Michigan Master said:


> Fuses...no.
> 
> Batteries, ballasts, light bulbs, copper, steel, aluminum, paper, computers... yes.


Why not fuses? Has the tech changed in 40 years? Does it wear out after 40 years? Breakers I am inclined to say "replace at 40", but not fuses.


----------



## ponyboy (Nov 18, 2012)

If they haven't been exposed to ridiculous temps I wouldnt even think twice about using them. In fact I can't even say whether or not extreme temps would affect the fuse negatively


----------



## BuzzKill (Oct 27, 2008)

Something to research fo shizzle.


----------



## Michigan Master (Feb 25, 2013)

Edrick said:


> Are we recycling or reusing there's a difference





BuzzKill said:


> Why not fuses? Has the tech changed in 40 years? Does it wear out after 40 years? Breakers I am inclined to say "replace at 40", but not fuses.

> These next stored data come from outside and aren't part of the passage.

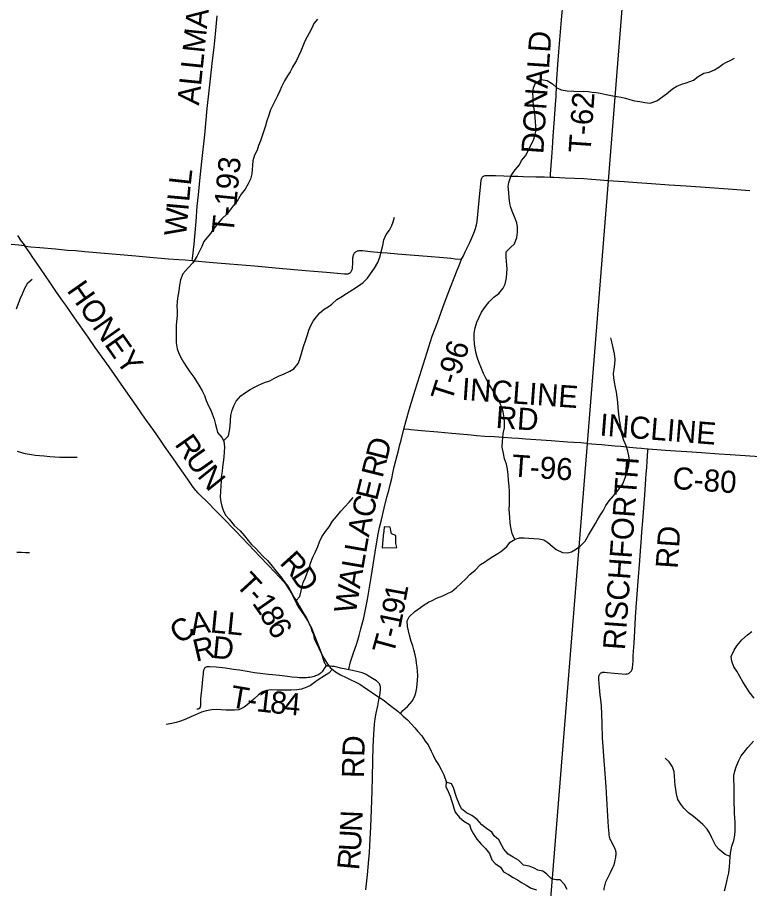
# Model space of a CAD drawing. Extents: x 1451455 to 1749751, y 218250 to 574981.
# Drawn here: x 1596296 to 1606243, y 326004 to 337847 of the extents above; entities that cross this region are included whole.
import ezdxf

# ---------------------------------------------------------------- set-up
doc = ezdxf.new("R2010")
doc.units = 0
for name, color, linetype in [('GM_X_County_Road', 7, 'Continuous'), ('GM_X_County_Road_Text', 7, 'Continuous'), ('GM_X_Minor_Lake', 7, 'Continuous'), ('GM_X_Minor_River', 7, 'Continuous'), ('GM_X_Township', 7, 'Continuous'), ('GM_X_Township_Road', 7, 'Continuous'), ('GM_X_Township_Road_Text', 7, 'Continuous')]:
    doc.layers.add(name, color=color, linetype=linetype)

msp = doc.modelspace()

# ---------------------------------------------------------------- linework, layer by layer
at = {"layer": 'GM_X_County_Road'}
for points in [[(1602331, 334561), (1602355, 334608), (1602380, 334658), (1602441, 334785), (1602484, 334881), (1602506, 334935), (1602520, 334978), (1602532, 335026), (1602541, 335074), (1602552, 335168), (1602579, 335452), (1602590, 335580), (1602597, 335639), (1602599, 335650), (1602604, 335662), (1602609, 335671), (1602615, 335680), (1602621, 335684), (1602627, 335688), (1602632, 335691), (1602639, 335695), (1602649, 335698), (1602662, 335700), (1602676, 335700), (1602696, 335700), (1602791, 335696), (1602906, 335693), (1602991, 335690), (1603096, 335687), (1603168, 335686), (1603341, 335682), (1603407, 335680), (1603459, 335679), (1603537, 335676)], [(1603537, 335676), (1603582, 335674), (1603738, 335666), (1603990, 335655), (1604095, 335647), (1604213, 335639), (1604314, 335632)], [(1604314, 335632), (1604537, 335617), (1604717, 335605), (1604910, 335591), (1605149, 335573), (1605381, 335557), (1605702, 335534), (1605951, 335517), (1606245, 335494)], [(1596296, 334883), (1596346, 334807), (1596373, 334772), (1596398, 334740)], [(1596398, 334740), (1596437, 334735), (1596480, 334730), (1596599, 334719), (1596811, 334699), (1596978, 334685), (1597083, 334677), (1597213, 334665), (1597906, 334607), (1598047, 334594), (1598347, 334567), (1598491, 334558), (1598573, 334552), (1598672, 334543)], [(1598672, 334543), (1598707, 334539), (1598903, 334522), (1599011, 334511), (1599177, 334496), (1599517, 334468), (1599851, 334439), (1600210, 334408), (1600324, 334399), (1600494, 334383), (1600644, 334368), (1600739, 334359), (1600752, 334359), (1600765, 334360), (1600777, 334361), (1600790, 334363), (1600797, 334365), (1600804, 334368), (1600810, 334371), (1600815, 334374), (1600820, 334379), (1600826, 334385), (1600832, 334392), (1600836, 334400), (1600840, 334410), (1600843, 334421), (1600846, 334431), (1600848, 334447), (1600849, 334458), (1600851, 334492), (1600854, 334578), (1600856, 334592), (1600858, 334605), (1600860, 334615), (1600865, 334627), (1600870, 334636), (1600876, 334645), (1600883, 334652), (1600892, 334659), (1600899, 334664), (1600906, 334668), (1600916, 334672), (1600926, 334675), (1600938, 334677), (1600950, 334678), (1600967, 334678), (1600986, 334677), (1601094, 334665), (1601235, 334653), (1601320, 334646), (1601460, 334635), (1601862, 334601), (1602084, 334581), (1602182, 334572), (1602244, 334567), (1602331, 334561)], [(1604030, 332055), (1604232, 332040), (1604411, 332025), (1604496, 332017), (1604610, 332006), (1604708, 331997), (1604774, 331991), (1604852, 331984), (1604865, 331983)], [(1604865, 331983), (1605101, 331965), (1605235, 331956), (1605392, 331944), (1605588, 331931), (1605830, 331915), (1605977, 331904), (1606452, 331874)]]:
    msp.add_lwpolyline(points, dxfattribs=at)
at = {"layer": 'GM_X_Minor_Lake'}
for points in [[(1601452, 330643), (1601436, 330695), (1601439, 330741), (1601438, 330803), (1601378, 330828), (1601358, 330917), (1601278, 330920), (1601273, 330864), (1601264, 330806), (1601252, 330636)], [(1601252, 330636), (1601452, 330643)], [(1603764, 325993), (1603729, 326058), (1603668, 326123), (1603616, 326125), (1603553, 326136), (1603487, 326199), (1603436, 326240), (1603366, 326255), (1603315, 326280), (1603247, 326311), (1603171, 326322), (1603103, 326391), (1603033, 326430), (1602962, 326471), (1602905, 326538), (1602876, 326591), (1602837, 326666), (1602773, 326721), (1602740, 326771), (1602671, 326820), (1602604, 326871), (1602541, 326942), (1602468, 326998), (1602398, 327033), (1602331, 327088), (1602298, 327158), (1602267, 327233), (1602242, 327301), (1602219, 327380), (1602192, 327430), (1602122, 327449), (1602115, 327393), (1602150, 327325), (1602176, 327262), (1602195, 327200), (1602210, 327149), (1602223, 327097), (1602242, 327043), (1602301, 326972), (1602363, 326919), (1602436, 326874), (1602455, 326813), (1602494, 326747), (1602537, 326676), (1602598, 326609), (1602653, 326550), (1602710, 326481), (1602743, 326396), (1602786, 326346), (1602859, 326297), (1602900, 326234), (1602968, 326195), (1603029, 326156), (1603089, 326123), (1603146, 326086), (1603208, 326049), (1603277, 326010), (1603347, 325987)]]:
    msp.add_lwpolyline(points, dxfattribs=at)
at = {"layer": 'GM_X_Minor_River'}
for points in [[(1600374, 337821), (1600323, 337764), (1600294, 337700), (1600261, 337634), (1600233, 337583), (1600202, 337525), (1600173, 337457), (1600146, 337390), (1600113, 337320), (1600086, 337262), (1600035, 337169), (1600000, 337109), (1599963, 337052), (1599925, 336984), (1599883, 336903), (1599859, 336847), (1599828, 336779), (1599793, 336708), (1599762, 336646), (1599735, 336592), (1599706, 336504), (1599685, 336443), (1599666, 336375), (1599639, 336293), (1599622, 336237), (1599599, 336169), (1599570, 336106), (1599552, 336042), (1599517, 335976), (1599494, 335898), (1599491, 335836), (1599486, 335778), (1599479, 335722), (1599464, 335648), (1599431, 335585), (1599392, 335511), (1599337, 335444), (1599282, 335351), (1599229, 335285), (1599188, 335232), (1599144, 335178), (1599075, 335109), (1599008, 335036), (1598961, 334968), (1598918, 334911), (1598869, 334852), (1598829, 334800), (1598802, 334734), (1598759, 334649), (1598734, 334597), (1598681, 334512), (1598616, 334445), (1598541, 334363), (1598510, 334278), (1598499, 334206), (1598488, 334128), (1598472, 334032), (1598465, 333980), (1598463, 333924), (1598468, 333852), (1598467, 333793), (1598456, 333708), (1598453, 333657), (1598452, 333569), (1598452, 333473), (1598452, 333423), (1598466, 333343), (1598486, 333292), (1598517, 333226), (1598550, 333159), (1598591, 333098), (1598640, 333030), (1598693, 332957), (1598724, 332906), (1598773, 332823), (1598806, 332769), (1598837, 332706), (1598862, 332640), (1598893, 332569), (1598922, 332507), (1598942, 332456), (1598970, 332384), (1598985, 332315), (1598999, 332265), (1599014, 332205), (1599075, 332138), (1599098, 332087), (1599109, 332005), (1599106, 331941), (1599101, 331869), (1599092, 331801), (1599083, 331735), (1599078, 331679), (1599065, 331597), (1599063, 331543), (1599058, 331477), (1599053, 331407), (1599052, 331327), (1599059, 331260), (1599072, 331202), (1599091, 331148)], [(1604048, 336838), (1604104, 336832), (1604158, 336825), (1604212, 336816), (1604294, 336799), (1604387, 336781), (1604441, 336771), (1604497, 336762), (1604555, 336747), (1604616, 336730), (1604678, 336715), (1604754, 336704), (1604822, 336691), (1604893, 336680), (1604984, 336713), (1605113, 336807), (1605198, 336874), (1605254, 336913), (1605321, 336938), (1605383, 336957), (1605433, 336975), (1605483, 336994), (1605544, 337043), (1605623, 337090), (1605693, 337103), (1605767, 337134), (1605824, 337170), (1605878, 337213), (1605928, 337240), (1605979, 337261), (1606039, 337293)], [(1603055, 330751), (1603017, 330831), (1602998, 330913), (1602989, 330977), (1602984, 331051), (1602981, 331108), (1602977, 331158), (1602980, 331226), (1602983, 331400), (1602978, 331476), (1602969, 331555), (1602962, 331629), (1602953, 331705), (1602940, 331775), (1602915, 331848), (1602898, 331918), (1602883, 332003), (1602885, 332081), (1602889, 332137), (1602896, 332191), (1602913, 332269), (1602914, 332347), (1602911, 332403), (1602896, 332485), (1602879, 332546), (1602854, 332600), (1602821, 332665), (1602792, 332723), (1602737, 332808), (1602698, 332873), (1602661, 332945), (1602630, 333008), (1602591, 333097), (1602568, 333153), (1602543, 333230), (1602524, 333296), (1602515, 333354), (1602508, 333405), (1602501, 333485), (1602502, 333555), (1602513, 333627), (1602536, 333703), (1602569, 333772), (1602602, 333840), (1602653, 333915), (1602707, 333981), (1602770, 334042), (1602837, 334095), (1602894, 334168), (1602923, 334222), (1602940, 334308), (1602945, 334370), (1602948, 334428), (1602946, 334478), (1602941, 334534), (1602934, 334589), (1602937, 334659), (1602996, 334718), (1603048, 334771), (1603083, 334857), (1603090, 334927), (1603091, 334997), (1603082, 335053), (1603049, 335136), (1603019, 335214), (1603001, 335265), (1602986, 335319), (1602975, 335395), (1602972, 335466), (1602965, 335548), (1602974, 335604), (1603005, 335697), (1603060, 335777), (1603119, 335844), (1603146, 335902), (1603199, 335967), (1603236, 336031), (1603273, 336110), (1603306, 336180), (1603325, 336238), (1603338, 336300), (1603339, 336368), (1603335, 336430), (1603332, 336480), (1603327, 336548), (1603314, 336629), (1603305, 336701), (1603302, 336753), (1603299, 336821), (1603306, 336891), (1603333, 336955), (1603411, 337002), (1603491, 336989), (1603564, 336944), (1603626, 336889), (1603681, 336862), (1603763, 336851), (1603855, 336843), (1603919, 336842), (1603981, 336845), (1604048, 336838)], [(1599097, 332089), (1599163, 332160), (1599178, 332226), (1599185, 332290), (1599190, 332366), (1599197, 332434), (1599212, 332508), (1599235, 332568), (1599268, 332632), (1599329, 332701), (1599383, 332740), (1599456, 332787), (1599518, 332819), (1599570, 332846), (1599653, 332885), (1599727, 332908), (1599788, 332941), (1599844, 332968), (1599920, 333001), (1599997, 333040), (1600053, 333071), (1600108, 333143), (1600133, 333202), (1600156, 333278), (1600183, 333374), (1600214, 333464), (1600235, 333531), (1600254, 333597), (1600281, 333661), (1600316, 333717), (1600361, 333778), (1600406, 333832), (1600462, 333881), (1600519, 333912), (1600569, 333947), (1600636, 334011), (1600688, 334042), (1600767, 334095), (1600854, 334146), (1600930, 334197), (1600991, 334244), (1601050, 334301), (1601094, 334361), (1601149, 334436), (1601192, 334513), (1601226, 334601), (1601238, 334659), (1601260, 334747), (1601275, 334823), (1601306, 334894), (1601350, 334954), (1601383, 335016), (1601402, 335069), (1601419, 335133)], [(1596282, 333885), (1596313, 333971), (1596338, 334029), (1596363, 334091), (1596396, 334166), (1596439, 334238), (1596498, 334289)], [(1601500, 328383), (1601532, 328424), (1601595, 328481), (1601658, 328552), (1601689, 328612), (1601708, 328665), (1601723, 328731), (1601725, 328783), (1601730, 328835), (1601735, 328903), (1601732, 328962), (1601725, 329016), (1601719, 329068), (1601714, 329118), (1601699, 329181), (1601682, 329251), (1601667, 329303), (1601647, 329362), (1601621, 329448), (1601608, 329506), (1601594, 329567), (1601590, 329645), (1601616, 329699), (1601693, 329770), (1601770, 329825), (1601820, 329860), (1601881, 329897), (1601939, 329924), (1601991, 329950), (1602074, 329985), (1602138, 330014), (1602197, 330045), (1602263, 330098), (1602320, 330153), (1602389, 330214), (1602444, 330272), (1602514, 330333), (1602589, 330412), (1602642, 330443), (1602692, 330477), (1602755, 330520), (1602825, 330561), (1602878, 330594), (1602944, 330655), (1602989, 330713), (1603056, 330752), (1603118, 330771), (1603180, 330772), (1603242, 330767), (1603312, 330764), (1603378, 330759), (1603447, 330744), (1603501, 330711), (1603560, 330658), (1603613, 330612), (1603703, 330572), (1603767, 330569), (1603823, 330583), (1603879, 330614), (1603942, 330657), (1604009, 330726), (1604056, 330808), (1604097, 330875), (1604150, 330967), (1604176, 331018), (1604219, 331086), (1604252, 331141), (1604291, 331213), (1604334, 331274), (1604395, 331344), (1604456, 331421), (1604519, 331508), (1604554, 331586), (1604585, 331680), (1604604, 331755), (1604611, 331827), (1604604, 331888), (1604591, 331952), (1604566, 332022), (1604533, 332095), (1604506, 332180), (1604497, 332230), (1604492, 332280), (1604477, 332376), (1604466, 332455), (1604458, 332539), (1604451, 332615), (1604444, 332683), (1604435, 332754), (1604423, 332814), (1604407, 332888), (1604397, 332947), (1604396, 333005), (1604403, 333061), (1604414, 333137), (1604419, 333197), (1604410, 333275), (1604391, 333353), (1604378, 333418), (1604359, 333490)], [(1596291, 331952), (1596351, 331931), (1596402, 331920), (1596486, 331905), (1596538, 331898), (1596594, 331893), (1596660, 331888), (1596736, 331879), (1596803, 331874), (1596873, 331871), (1596931, 331868), (1596989, 331871), (1597057, 331868), (1597109, 331868)], [(1600082, 329922), (1600131, 329974), (1600151, 330050), (1600163, 330110), (1600180, 330166), (1600209, 330232), (1600230, 330284), (1600253, 330349), (1600278, 330427), (1600309, 330511), (1600340, 330575), (1600377, 330654), (1600402, 330718), (1600431, 330784), (1600480, 330857), (1600530, 330922), (1600577, 331000), (1600630, 331063), (1600689, 331135), (1600744, 331192), (1600805, 331259), (1600858, 331322)], [(1599091, 331148), (1599122, 331079), (1599173, 331024), (1599242, 330939), (1599323, 330866), (1599380, 330799), (1599429, 330736), (1599476, 330683), (1599533, 330626), (1599578, 330576), (1599632, 330523), (1599693, 330466), (1599756, 330389), (1599807, 330326), (1599873, 330243), (1599932, 330162), (1599976, 330109), (1600005, 330050), (1600051, 329964), (1600093, 329907), (1600124, 329846), (1600157, 329792), (1600186, 329737), (1600223, 329683), (1600249, 329628), (1600278, 329572), (1600297, 329507), (1600318, 329457), (1600329, 329399), (1600389, 329274), (1600422, 329203), (1600457, 329136), (1600502, 329065), (1600546, 329011), (1600617, 328952), (1600686, 328909), (1600761, 328875), (1600827, 328844), (1600883, 328816), (1600948, 328783), (1601025, 328729), (1601087, 328690), (1601140, 328650), (1601215, 328604), (1601277, 328561), (1601334, 328517), (1601411, 328459), (1601464, 328414), (1601537, 328349), (1601595, 328296), (1601646, 328246), (1601695, 328189), (1601734, 328138), (1601789, 328079), (1601836, 328008), (1601874, 327958), (1601916, 327873), (1601944, 327819), (1601977, 327752), (1602020, 327681), (1602051, 327621), (1602090, 327550), (1602126, 327448)], [(1596290, 330577), (1596352, 330578), (1596405, 330575), (1596461, 330575)], [(1606307, 328593), (1606238, 328678), (1606191, 328751), (1606150, 328814), (1606111, 328889), (1606068, 328959), (1606031, 329020), (1606002, 329097), (1605993, 329161), (1606032, 329246), (1606069, 329306), (1606136, 329387), (1606215, 329454), (1606273, 329501)], [(1600576, 328985), (1600526, 328933), (1600470, 328898), (1600383, 328841), (1600333, 328805), (1600276, 328764), (1600226, 328741), (1600156, 328716), (1600090, 328707), (1600014, 328700), (1599820, 328703), (1599750, 328706), (1599680, 328697), (1599626, 328677), (1599573, 328638), (1599508, 328579), (1599442, 328520), (1599375, 328471), (1599305, 328436), (1599247, 328428), (1599133, 328430), (1599063, 328435), (1599001, 328438), (1598935, 328433), (1598861, 328422), (1598795, 328401), (1598716, 328366), (1598650, 328337), (1598583, 328306), (1598511, 328281), (1598451, 328264), (1598395, 328250), (1598317, 328233)], [(1605902, 325972), (1605921, 326040), (1605936, 326100), (1605947, 326162), (1605960, 326220), (1605969, 326302), (1605976, 326362), (1605979, 326434), (1605985, 326486), (1606001, 326580), (1606028, 326658), (1606041, 326730), (1606045, 326790), (1606048, 326846), (1606047, 326910), (1606044, 326962), (1606039, 327034), (1606038, 327095), (1606035, 327159), (1606033, 327213), (1606034, 327279), (1606035, 327331), (1606034, 327417), (1606031, 327471), (1606030, 327543), (1606043, 327601), (1606062, 327661), (1606093, 327737), (1606128, 327807), (1606170, 327860), (1606217, 327921), (1606296, 328010)], [(1605979, 326440), (1605911, 326467), (1605828, 326535), (1605785, 326585), (1605758, 326638), (1605730, 326696), (1605699, 326761), (1605668, 326811), (1605607, 326874), (1605534, 326939), (1605481, 326982), (1605415, 327035), (1605350, 327098), (1605309, 327151), (1605270, 327216), (1605251, 327292), (1605240, 327352), (1605231, 327411), (1605228, 327465), (1605225, 327539), (1605217, 327591), (1605198, 327660), (1605151, 327728), (1605096, 327775)]]:
    msp.add_lwpolyline(points, dxfattribs=at)
at = {"layer": 'GM_X_Township'}
for points in [[(1603446, 324685), (1604039, 332057), (1604327, 335626), (1604590, 338933), (1605120, 345606), (1605455, 350781)], [(1615589, 321107), (1615010, 321279), (1612831, 321883), (1608561, 323145), (1605657, 324014), (1605008, 324208), (1603446, 324685), (1604039, 332057), (1604327, 335626), (1604590, 338933), (1605120, 345606), (1605455, 350781)]]:
    msp.add_lwpolyline(points, dxfattribs=at)
at = {"layer": 'GM_X_Township_Road'}
for points in [[(1603537, 335676), (1603540, 335716), (1603549, 335836), (1603557, 335948), (1603565, 336072), (1603574, 336233), (1603594, 336468), (1603607, 336661), (1603613, 336776), (1603619, 336914), (1603625, 337009), (1603639, 337205), (1603651, 337378), (1603686, 337816), (1603709, 338061), (1603728, 338214), (1603789, 338623), (1603812, 338772), (1603837, 338936), (1603844, 338979)], [(1598672, 334543), (1598675, 334570), (1598696, 334766), (1598706, 334867), (1598723, 335073), (1598740, 335282), (1598755, 335435), (1598775, 335631), (1598801, 335886), (1598841, 336251), (1598872, 336607), (1598899, 336849), (1598926, 337094), (1598946, 337260), (1598964, 337400), (1598978, 337527), (1598991, 337667), (1598991, 337671), (1599009, 337867)], [(1596398, 334740), (1596314, 334749), (1596212, 334759)], [(1600497, 329036), (1600493, 329038), (1600488, 329043), (1600484, 329047), (1600480, 329053), (1600474, 329066), (1600464, 329090), (1600421, 329216), (1600381, 329321), (1600322, 329474), (1600289, 329552), (1600266, 329600), (1600237, 329652), (1600200, 329710), (1600159, 329770), (1600122, 329823), (1600093, 329874), (1600073, 329912), (1600018, 330020), (1599995, 330063), (1599971, 330103), (1599946, 330138), (1599912, 330179), (1599861, 330234), (1599707, 330395), (1599584, 330523), (1599517, 330595), (1599259, 330866), (1599082, 331050), (1598979, 331155), (1598898, 331237), (1598852, 331283), (1598808, 331323), (1598787, 331344), (1598746, 331386), (1598733, 331401), (1598721, 331415), (1598672, 331481), (1598615, 331561), (1598554, 331650), (1598477, 331760), (1598447, 331803), (1598296, 332018), (1598240, 332099), (1598147, 332230), (1598051, 332367), (1597984, 332460), (1597908, 332571), (1597856, 332647), (1597705, 332862), (1597613, 332993), (1597541, 333095), (1597447, 333229), (1597388, 333312), (1597354, 333360), (1597256, 333500), (1597072, 333763), (1596954, 333933), (1596915, 333989), (1596829, 334114), (1596745, 334235), (1596610, 334433), (1596560, 334506), (1596507, 334581), (1596463, 334646), (1596398, 334740)], [(1601547, 332251), (1601578, 332368), (1601619, 332513), (1601701, 332779), (1601761, 332978), (1601884, 333369), (1601932, 333512), (1602002, 333700), (1602077, 333903), (1602135, 334063), (1602178, 334180), (1602228, 334309), (1602269, 334412), (1602296, 334476), (1602331, 334561)], [(1600800, 328977), (1600804, 329010), (1600810, 329046), (1600821, 329086), (1600863, 329210), (1600903, 329324), (1600921, 329379), (1600940, 329445), (1600963, 329534), (1601000, 329684), (1601016, 329754), (1601051, 329935), (1601103, 330232), (1601130, 330407), (1601168, 330663), (1601195, 330822), (1601215, 330912), (1601240, 331017), (1601278, 331177), (1601316, 331323), (1601340, 331415), (1601359, 331491), (1601381, 331581), (1601397, 331651), (1601416, 331737), (1601476, 331976), (1601488, 332024), (1601508, 332101), (1601547, 332251)], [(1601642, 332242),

Um... not sure we're all on the same page; the original question was about recycling fuses. Apparently Cooper Bussmann does have a recycling program; now I'm curious about our usage and might mention it to our environmental/safety guy. 

My last post was talking about _recycling_ blown fuses. If we decommission old equipment we will _reuse_ anything that's worth saving, including good fuses; however, there are some fuses that are so old we no longer stock and they will get tossed.


----------



## ponyboy (Nov 18, 2012)

Ahh sorry I read but I didn't see.


----------



## BuzzKill (Oct 27, 2008)

Zog is on the forum, he'll have some info, or brian or md...


----------



## Michigan Master (Feb 25, 2013)

No problem.

A couple metals I forgot to mention... we also have recycling bins for carbide, bronze, brass and EDM wire.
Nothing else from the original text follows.